# What you are asked to do
Compute how many lines in the data below hold the word "BOLT", then report that number with nothing else.
Records for the exercise section start
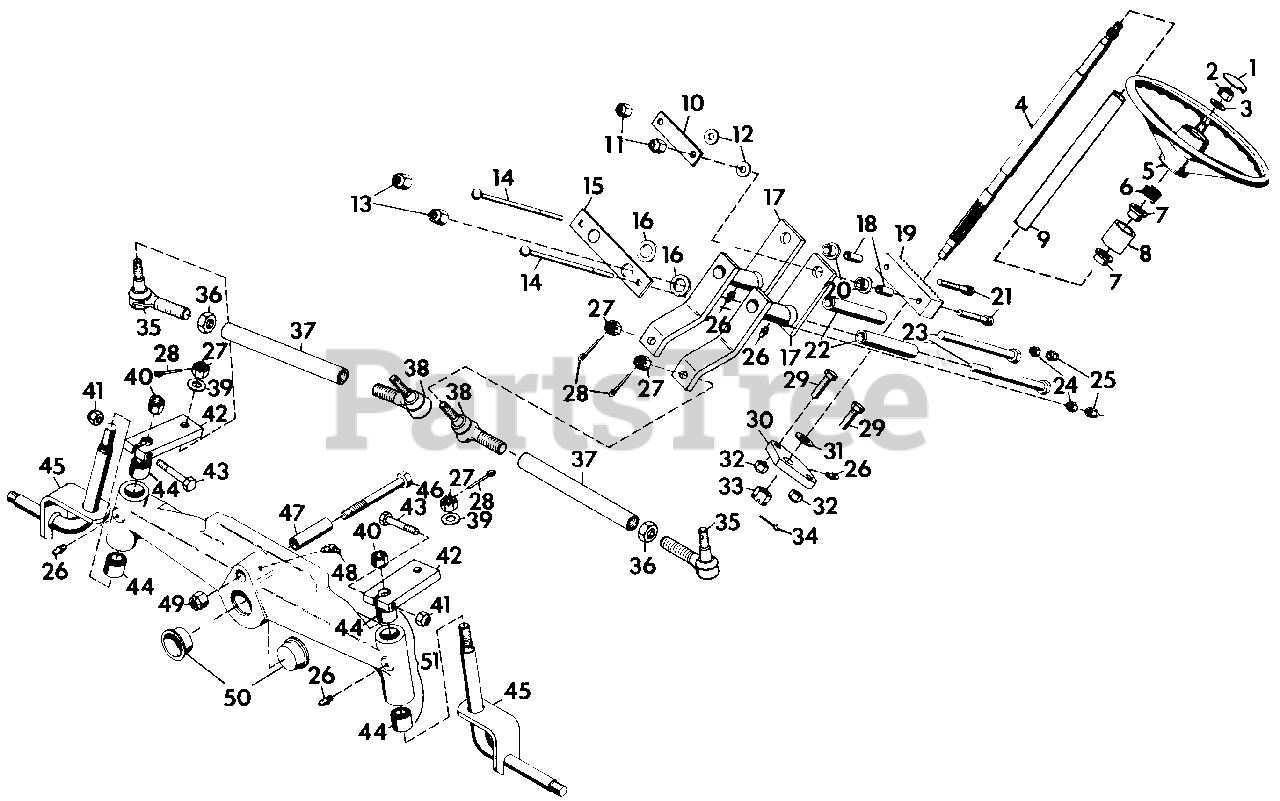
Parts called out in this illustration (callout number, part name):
1	CAP, STEERING WHEEL
2	NUT, JAM 5/8-11 HEX
3	WASHER, FLAT .656X1.312X.095
4	SHAFT, STEERING WHEEL
5	WHEEL, STEERING
6	SPRING, COMP. 1.00X.80X36 LB/IN
7	BUSHING, NYLON .760X1.000X.600 FLANGE
8	BUSHING, STEERING WHEEL
9	TUBE, PLASTIC 1.0 I.D.
10	STRAP, RACK AND PINION
11	NUT, LOCK 3/8-16
12	WASHER, FLAT .375X1.125X.065
13	NUT, LOCK 1/2-13
14	BOLT, 5/16-18X5.5 RD HD SQ NK
15	PLATE, ADJUSTMENT
16	RACE, BEARING THRUST .752X1.240X.095
17	WELDMENT, STEERING
18	BUSHING, .391X.622X.670
19	GEAR, RACK
20	BEARING, FLANGE(P/M BRONZE)
21	SCREW, CAP 3/8-16X2.0 HEX SOCKET HD
22	SLEEVE, PIVOT
23	BOLT, HEX 1/2-13X6.0
24	NUT, HEX 5/16-18
25	NUT, LOCK 5/16-18
26	FITTING, LUBE 1/4-28
27	NUT, HEX SLOTTED 3/8-24
28	PIN, COTTER .09X.75
29	BOLT, HEX 7/16-14X1.5
30	SUPPORT, STEERING SHAFT
31	RACE, THRUST
32	NUT, LOCK 7/16-14
33	NUT, HEX 1/2-13 SLOTTED
34	PIN, COTTER .09X1.00
35	ASSEMBLY, ROD END
36	NUT, JAM 1/2-20
37	TUBE, TIE ROD
38	ASSEMBLY, ROD END
39	WASHER, FLAT .438X1.000X.083
40	NUT, HEX 5/8-11
41	NUT, LOCK 5/16-24
42	ARM, TIE ROD AXLE
43	BOLT, HEX 5/16-24X1.75
44	BUSHING, .877X1.004X1.0
45	WELDMENT, KING PIN
46	BOLT, HEX 3/4-10X4.5
47	TUBE, AXLE PIVOT
48	FITTING, LUBE 45 DEG.
49	NUT, LOCK 3/4-10
50	CAP, FRONT AXLE
51	AXLE
Records for the exercise section end
# Output of the exercise
5